Your task
Although the records contain pictures, only their text should be repeated, exactly as it stands.

*** Opening Entries shown ***

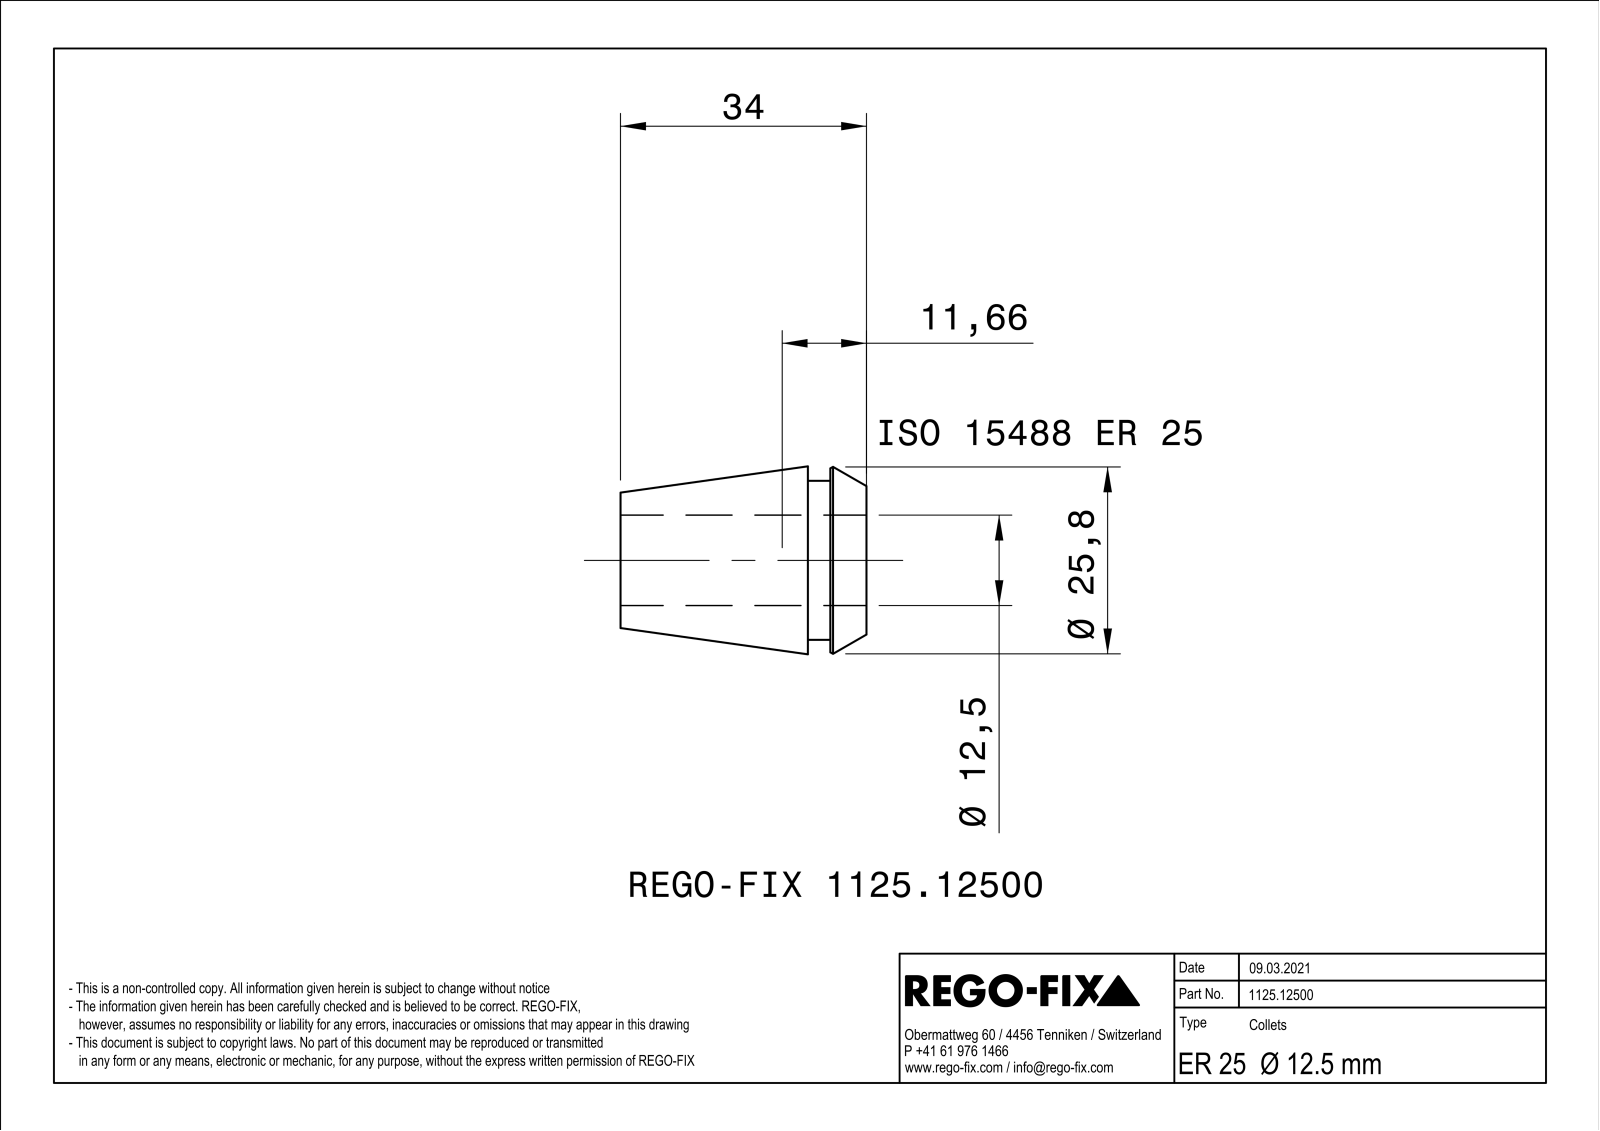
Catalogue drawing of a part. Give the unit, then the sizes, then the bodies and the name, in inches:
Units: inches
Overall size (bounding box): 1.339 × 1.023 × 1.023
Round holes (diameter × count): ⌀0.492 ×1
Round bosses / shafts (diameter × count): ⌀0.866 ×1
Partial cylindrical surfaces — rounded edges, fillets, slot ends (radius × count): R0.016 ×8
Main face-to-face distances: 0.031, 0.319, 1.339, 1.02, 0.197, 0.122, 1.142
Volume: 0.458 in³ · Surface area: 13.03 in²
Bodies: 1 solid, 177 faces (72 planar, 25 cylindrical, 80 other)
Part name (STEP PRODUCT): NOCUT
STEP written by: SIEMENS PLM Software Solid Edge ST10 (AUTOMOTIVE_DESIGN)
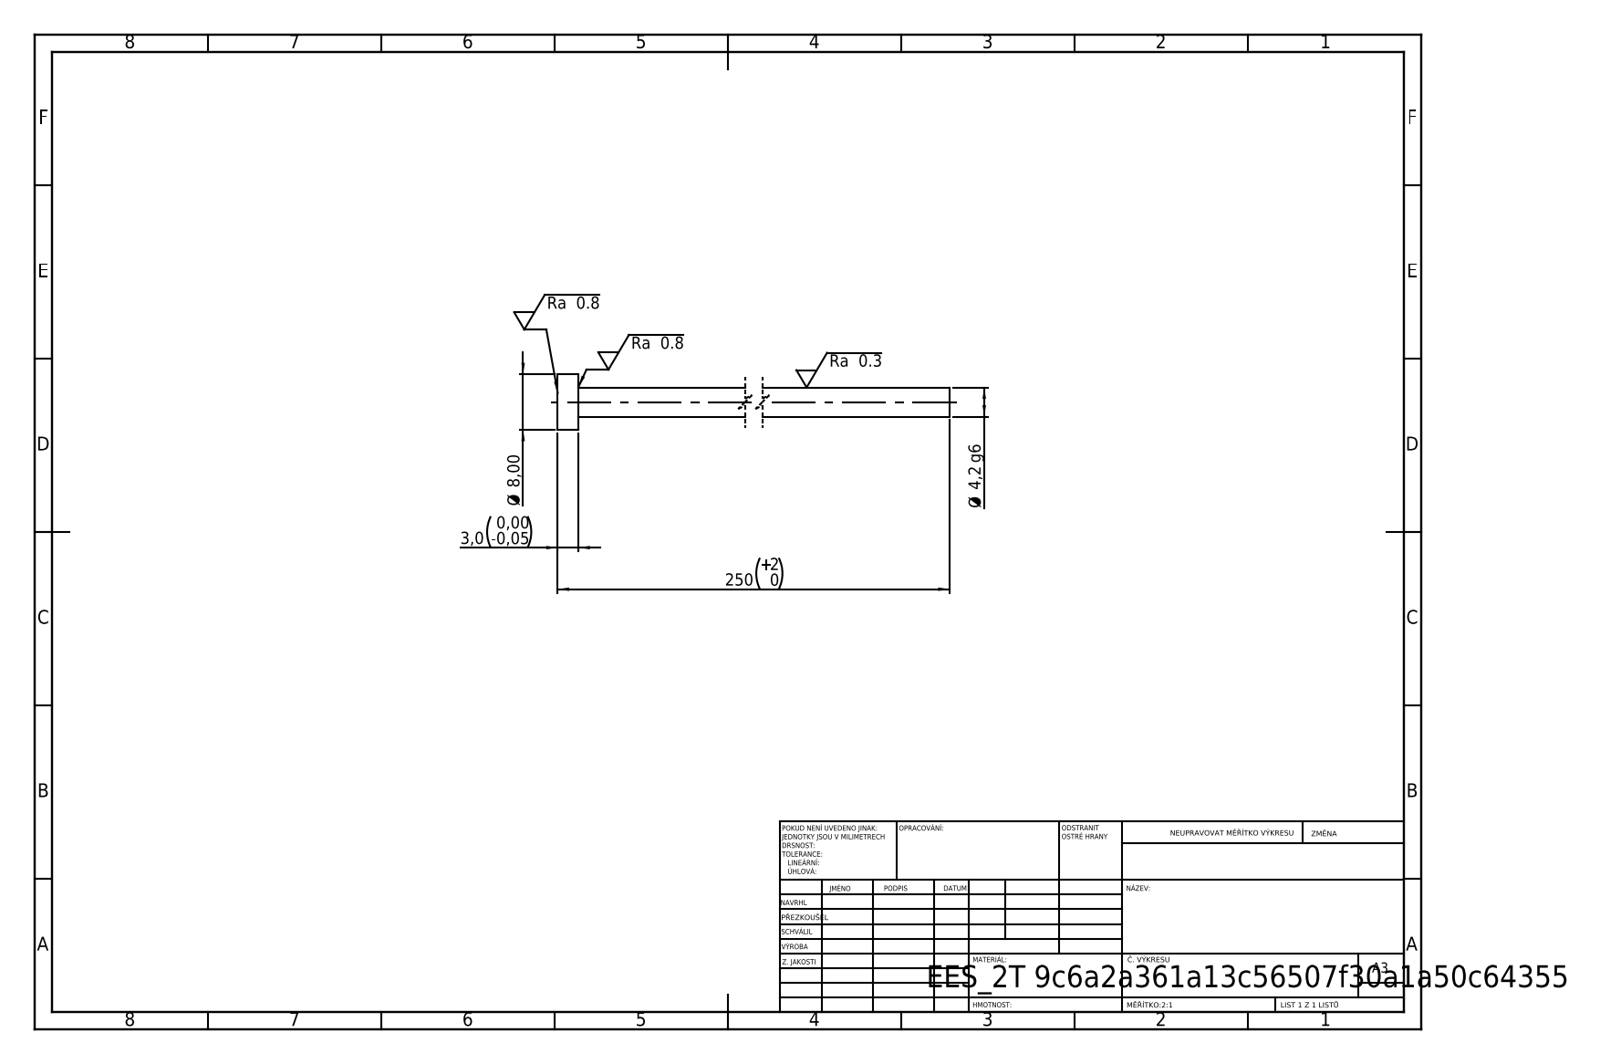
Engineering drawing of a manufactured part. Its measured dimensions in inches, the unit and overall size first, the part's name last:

*** Closing Entries shown ***

Response for this exercise
Catalogue drawing of a part. Give the unit, then the sizes, then the bodies and the name, in inches:
Units: inches
Overall size (bounding box): 1.339 × 1.023 × 1.023
Round holes (diameter × count): ⌀0.492 ×1
Round bosses / shafts (diameter × count): ⌀0.866 ×1
Partial cylindrical surfaces — rounded edges, fillets, slot ends (radius × count): R0.016 ×8
Main face-to-face distances: 0.031, 0.319, 1.339, 1.02, 0.197, 0.122, 1.142
Volume: 0.458 in³ · Surface area: 13.03 in²
Bodies: 1 solid, 177 faces (72 planar, 25 cylindrical, 80 other)
Part name (STEP PRODUCT): NOCUT
STEP written by: SIEMENS PLM Software Solid Edge ST10 (AUTOMOTIVE_DESIGN)
Engineering drawing of a manufactured part. Its measured dimensions in inches, the unit and overall size first, the part's name last:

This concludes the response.